[development] One-to-one tables considered harmful

Walt Daniels wdlists at optonline.net
Sun Jun 3 22:25:48 UTC 2007

For a common example of a user noticeable slow query, go to modules and look
at all the contrib modules available for download. Or perhaps all the time
is formating that much information.

-----Original Message-----
From: development-bounces at drupal.org [mailto:development-bounces at drupal.org]
On Behalf Of David Strauss
Sent: Sunday, June 03, 2007 5:12 PM
To: development at drupal.org
Subject: Re: [development] One-to-one tables considered harmful

Earl Miles wrote:
> David Strauss wrote:
>> == What's bad about the current approach ==
>> The arguments for splitting table into one-to-one relationships are:
>> * Improving performance on systems that can only use table-level 
>> locking
>> * Minimizing invalidations of the query cache
> You *completely* missed the real argument:
> Drupal is modular. Modules tend to have their own tables. Often these 
> are 1::1 tables.

You misinterpreted my post. I said the 1::1 tables created by content types
are fine. We're talking about core tables here, like
{node_comment_statistics} that have columns often used in WHERE or ORDER BY

> I fail to understand how it is MySQL is unable to optimize for the 
> 1::1 join case, especially when that 1::1 join is on the primary key. 
> What am I missing that makes this join worse than other basic joins?

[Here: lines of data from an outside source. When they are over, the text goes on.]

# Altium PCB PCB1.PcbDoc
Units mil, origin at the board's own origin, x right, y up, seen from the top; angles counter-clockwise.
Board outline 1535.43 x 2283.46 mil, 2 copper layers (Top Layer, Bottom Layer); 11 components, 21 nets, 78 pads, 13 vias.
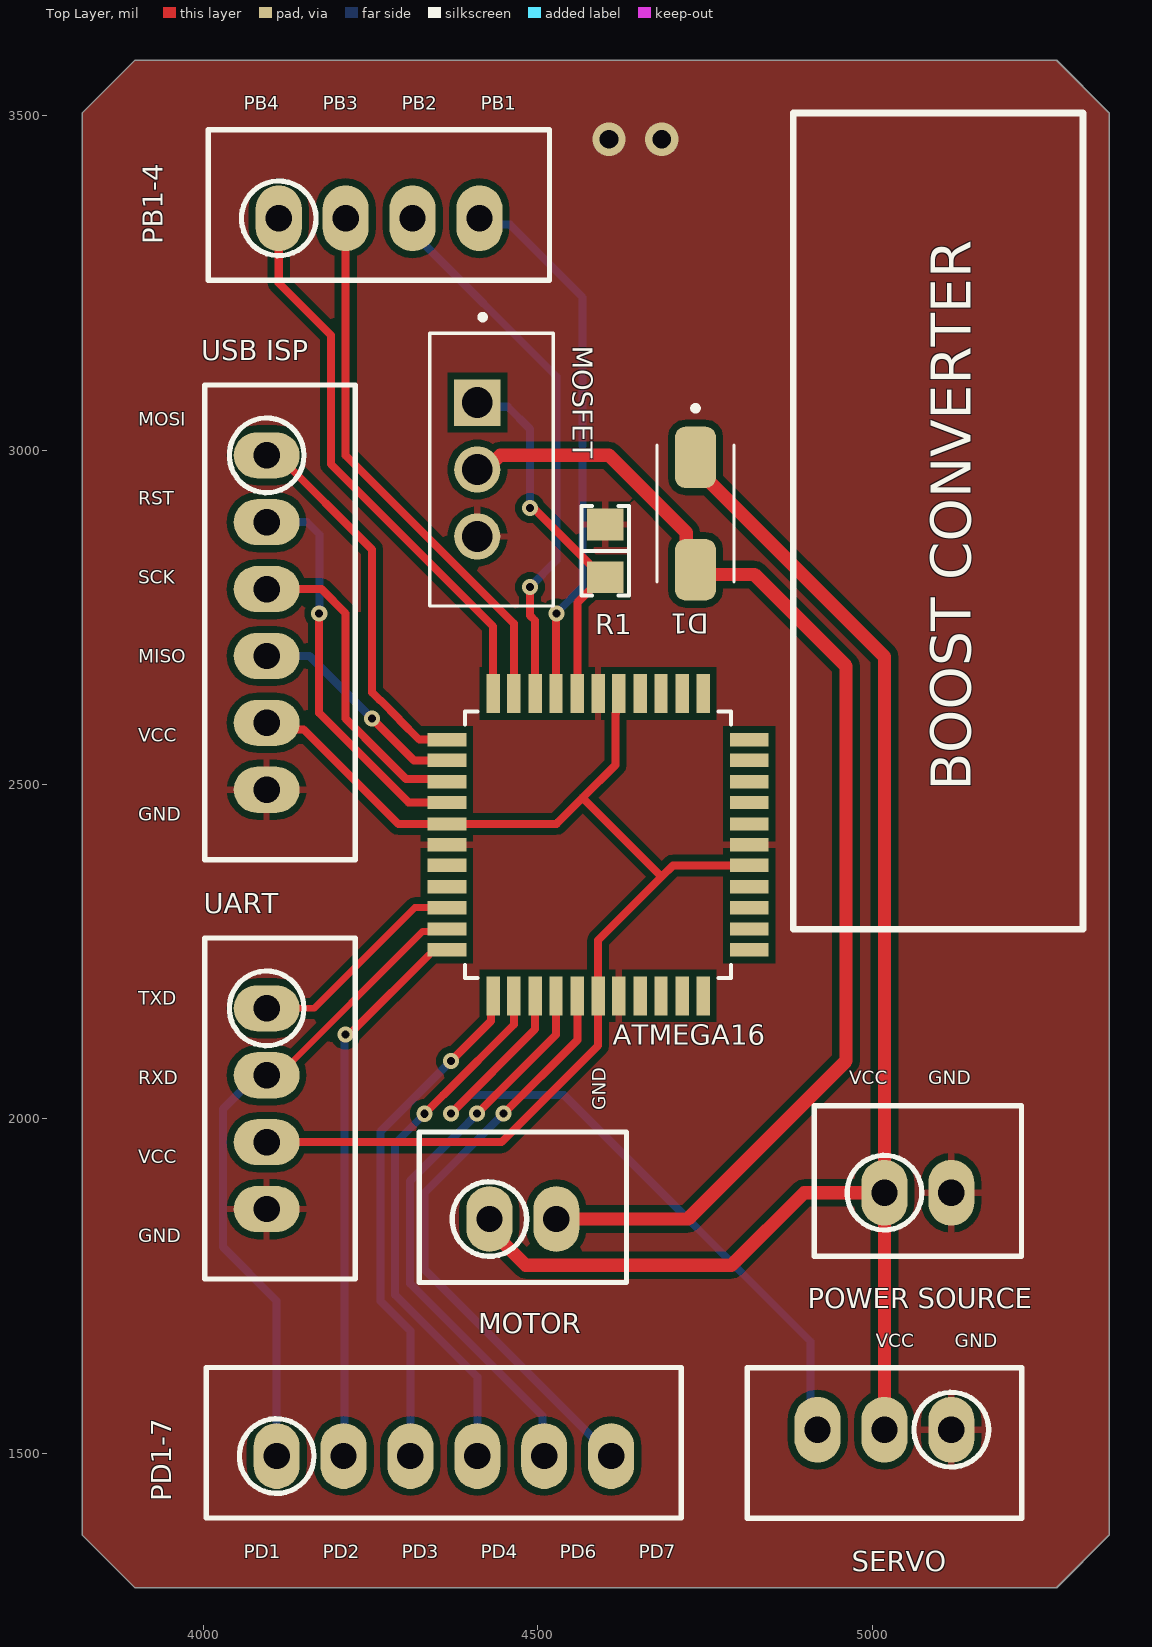
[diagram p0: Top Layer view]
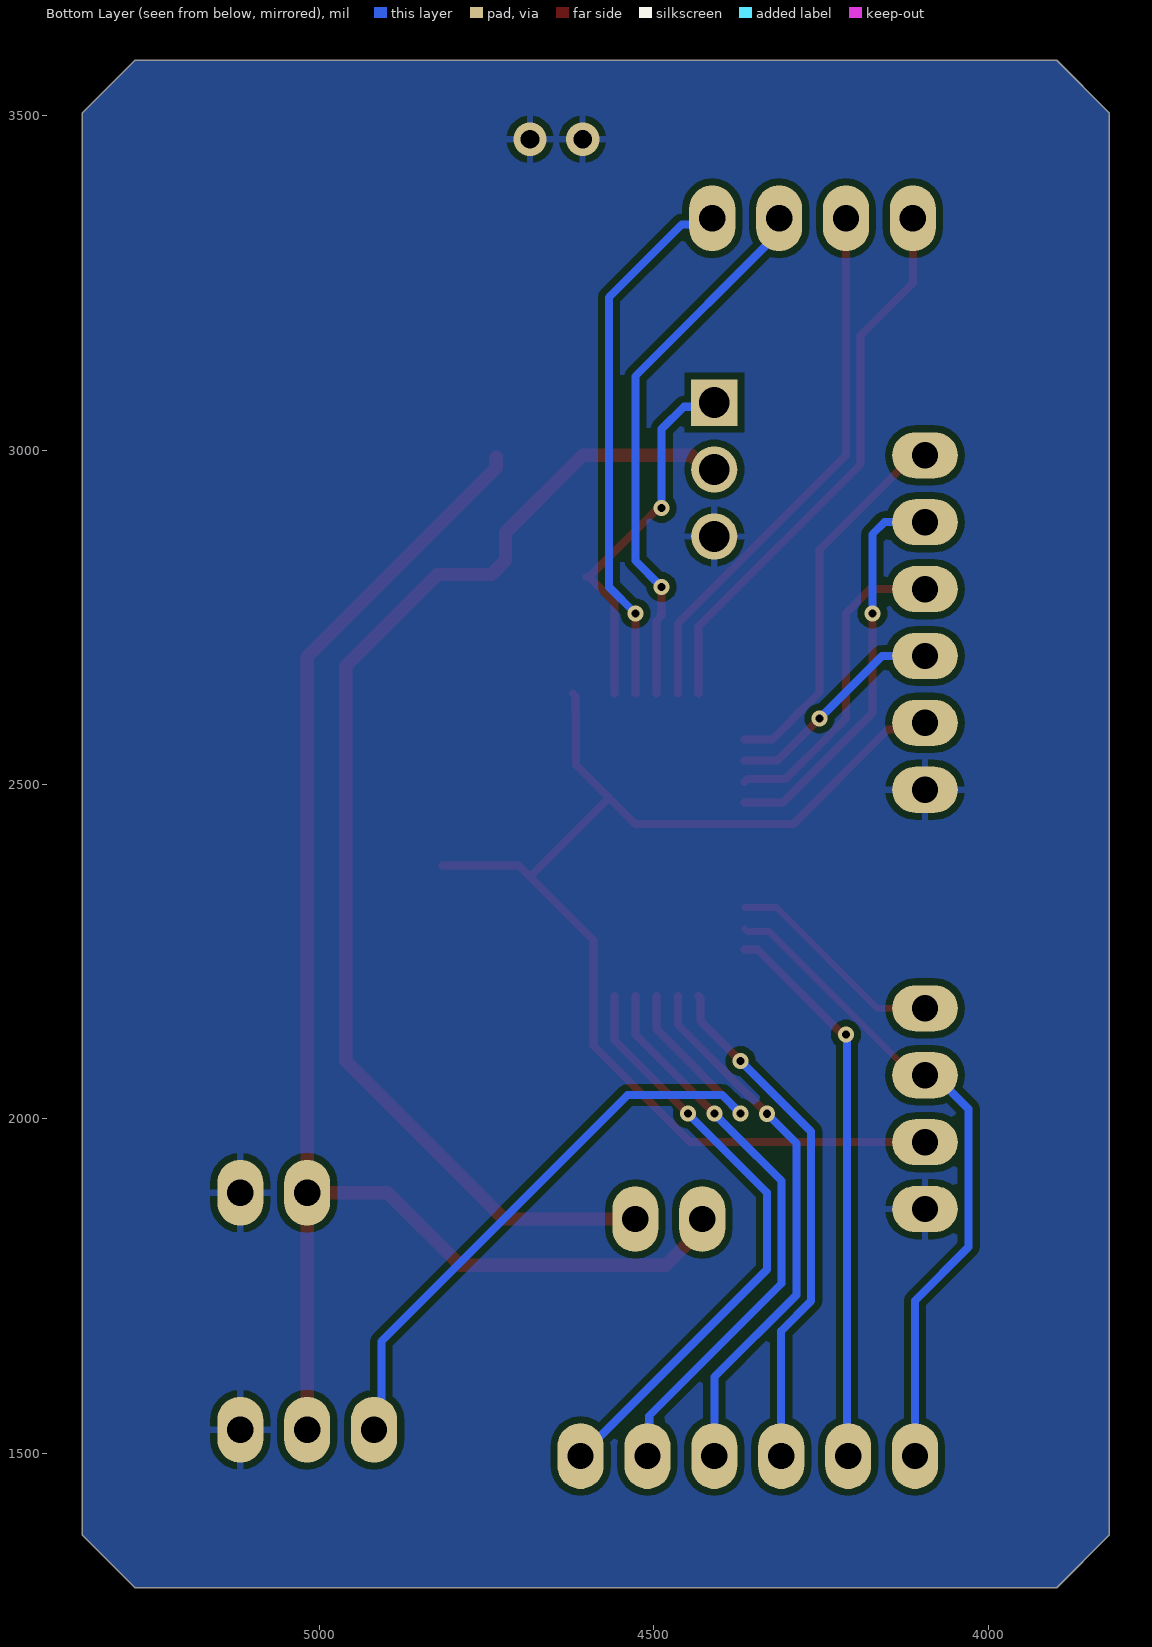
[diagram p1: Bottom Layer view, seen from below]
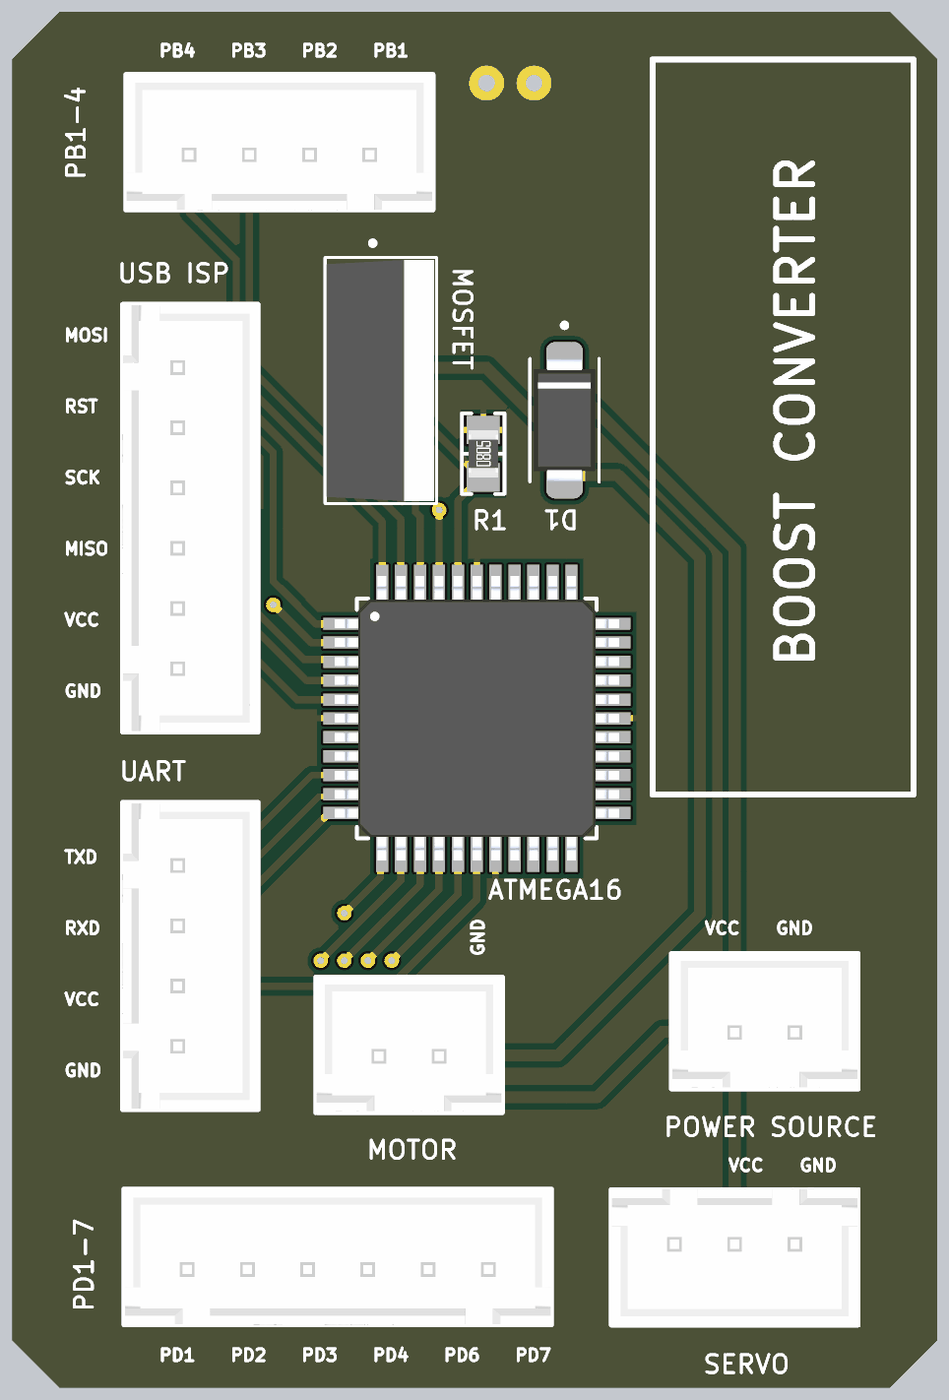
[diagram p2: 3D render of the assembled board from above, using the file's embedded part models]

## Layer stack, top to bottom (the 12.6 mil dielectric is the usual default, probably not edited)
Top Solder: solder mask 0.4, Solder Resist, Dk 3.5
Top Layer: signal copper 1.4
Dielectric 1: dielectric 12.6, FR-4, Dk 4.8
Bottom Layer: signal copper 1.4
Bottom Solder: solder mask 0.4, Solder Resist, Dk 3.5

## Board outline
3818.9,1377.95 3897.64,1299.21 5275.59,1299.21 5354.33,1377.95 5354.33,3503.94 5275.59,3582.68 4803.15,3582.68 3897.64,3582.68 3818.9,3503.94

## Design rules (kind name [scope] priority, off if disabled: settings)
Clearance [All] p1: gap=10 ignorepadtopadclearanceinfootprint=FALSE
PolygonConnect [All] p1: connectstyle=Relief reliefconductorwidth=10 reliefentries=4 polygonreliefangle="90 Angle" airgapwidth=10
RoutingVias [All] p1: holewidth=28 width=50 viastyle="Through Hole" minholewidth=12 minwidth=24 maxholewidth=28 maxwidth=50
SolderMaskExpansion [All] p1: expansion=4 istentingtop=FALSE
SupplyNets "Schematic Supply Nets" [InNet('GND')] p1: voltage=0.000
Width [All] p1: maxlimit=20 minlimit=7 preferedwidth=10
30 further rules are at their usual default settings.

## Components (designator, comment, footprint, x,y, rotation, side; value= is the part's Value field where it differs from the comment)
ATMEGA16 "ATMEGA16A-AUR" ATmega16_SMD 4590,2410 r0 top
D1 "Diode Schottky" "1N5824 SS54" 4735.63,2905 r270 top
MOSFET "FQP30N06L" TO-220 4409.45,2970.87 r270 top (schematic designator U1)
MOTOR "CN_JST_XH_2P_2.54MM" "JST XH 2P-H 2.54mm" 4477.37,1867.86 r180 top
PB1-4 "CN_JST_XH_4P_2.54MM" "JST XH 4P-H 2.54mm" 4262.32,3366.83 r180 top
PD1-7 "CN_JST_XH_6P_2.54MM" "JST XH 6P-H 2.54mm" 4359.17,1516.43 r180 top
"POWER SOURCE" "CN_JST_XH_2P_2.54MM" "JST XH 2P-H 2.54mm" 5067.92,1907.23 r180 top
R1 "10K_1%" "RES 0805_2012" 4600.63,2849.37 r90 top
SERVO "CN_JST_XH_3P_2.54MM" "JST XH 3P-H 2.54mm" 5018.39,1515.06 r0 top
UART "CN_JST_XH_4P_2.54MM" "JST XH 4P-H 2.54mm" 4114.86,2015.63 r90 top
"USB ISP" "CN_JST_XH_6P_2.54MM" "JST XH 6P-H 2.54mm" 4114.86,2742.4 r90 top

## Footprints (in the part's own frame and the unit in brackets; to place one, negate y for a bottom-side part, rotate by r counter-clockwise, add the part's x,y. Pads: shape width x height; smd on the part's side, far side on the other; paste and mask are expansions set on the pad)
"1N5824 SS54" [mm]
  rrect50% 2.33x1.55 smd: A(2.135,0) C(-2.135,0)
  silkscreen extent -4.1,-1.46 2.6,1.46, body extent -2.6,-1.3 2.6,1.3, height 2.4
ATmega16_SMD [mil]
  rect 58x20 smd paste+0 mask+4.02: 1(-226,157) 2(-226,126) 3(-226,94) 4(-226,63) 5(-226,31) 6(-226,0) 7(-226,-31) 8(-226,-63) 9(-226,-94) 10(-226,-126) 11(-226,-157) 23(226,-157) 24(226,-126) 25(226,-94) 26(226,-63) 27(226,-31) 28(226,0) 29(226,31) 30(226,63) 31(226,94) 32(226,126) 33(226,157)
  rect 20x58 smd paste+0 mask+4.02: 12(-157,-226) 13(-126,-226) 14(-94,-226) 15(-63,-226) 16(-31,-226) 17(0,-226) 18(31,-226) 19(63,-226) 20(94,-226) 21(126,-226) 22(157,-226) 34(157,226) 35(126,226) 36(94,226) 37(63,226) 38(31,226) 39(0,226) 40(-31,226) 41(-63,226) 42(-94,226) 43(-126,226) 44(-157,226)
  silkscreen extent -199,-199 199,199, body extent -236,-236 236,236, height 47
"JST XH 2P-H 2.54mm" [mm]
  oval 1.75x2.5 hole 1: 1(1.265,0.444) 2(-1.275,0.444)
  silkscreen extent -3.94,-2.86 3.93,2.86, body extent -3.9,-2.91 3.9,2.82, height 7
"JST XH 3P-H 2.54mm" [mm]
  oval 1.75x2.5 hole 1: 1(2.533,0.517) 2(-0.007,0.517) 3(-2.547,0.517)
  silkscreen extent -5.21,-2.85 5.2,2.87, body extent -5.18,-2.83 5.16,2.9, height 7
"JST XH 4P-H 2.54mm" [mm]
  oval 1.75x2.5 hole 1: 1(3.803,0.517) 2(1.263,0.517) 3(-1.277,0.517) 4(-3.817,0.517)
  silkscreen extent -6.48,-2.85 6.48,2.87, body extent -6.44,-2.85 6.44,2.88, height 7
"JST XH 6P-H 2.54mm" [mm]
  oval 1.75x2.5 hole 1: 1(6.343,0.517) 2(3.803,0.517) 3(1.263,0.517) 4(-1.277,0.517) 5(-3.817,0.517) 6(-6.357,0.517)
  silkscreen extent -9.02,-2.85 9.02,2.87, body extent -8.98,-2.85 8.98,2.88, height 7
"RES 0805_2012" [mm] "Chip Resistor, 2-Leads, Body 2.00x1.25mm, IPC Medium Density"
  rect 1.2x1.4 smd: 1(-1,0) 2(1,0)
  silkscreen extent -1.7,-0.9 1.7,0.9, body extent -1,-0.64 1,0.62, height 0.6
TO-220 [mm]
  rect 1.755x1.755 / inner round 1.755 / far side rect 1.755x1.755 hole 1.17: 1(-2.54,0)
  round 1.755 hole 1.17: 2(0,0) 3(2.54,0)
  silkscreen extent -5.89,-1.81 5.18,2.89, body extent -5.08,-1.76 5.08,2.79, height 19.65

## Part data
ATMEGA16: "AVR AVRÂ® ATmega Microcontroller IC 8-Bit 16MHz 16KB (8K x 16) FLASH 44-TQFP (10x10)", Package="TQFP-44 Microchip"
D1: library part "Diode Schottky 40 V 3A Surface Mount SMA"
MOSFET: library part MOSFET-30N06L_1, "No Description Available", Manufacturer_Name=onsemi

I also explained this in my original post. Indexes cannot span JOINs. If you
don't understand precisely how databases use indexes to fulfill WHERE and
ORDER BY criteria, I'm afraid a full explanation is beyond what I could
include in an email. I'll try to give a brief one.

But here's what happens when you have criteria spanning a JOIN:
1. The database tries to minimize the rows involved in the JOIN using as
many criteria as it can.
2. The database performs a Cartesian JOIN on the remaining rows. This
creates a giant temporary table on disk.
3. The database runs remaining restrictions on the results.
4. The database sorts the results. This uses a filesort.
5. The database returns a range of the sorted results.

For a site like Drupal.org, the running time is about 30-45 seconds.

Here's what happens when all criteria (WHERE and ORDER BY are in an index on
one table):
1. The database uses the index to fully satisfy WHERE and ORDER BY criteria.
This does not use a temp table or a filesort.
2. The database runs JOINs on other tables to collect data for remaining
3. The results are already filtered and sorted, so the database returns a
range of the results.

For a site like Drupal.org, the running time is 30-45 milliseconds. The
difference is really that order of magnitude, and the difference only
increases as the site grows in size.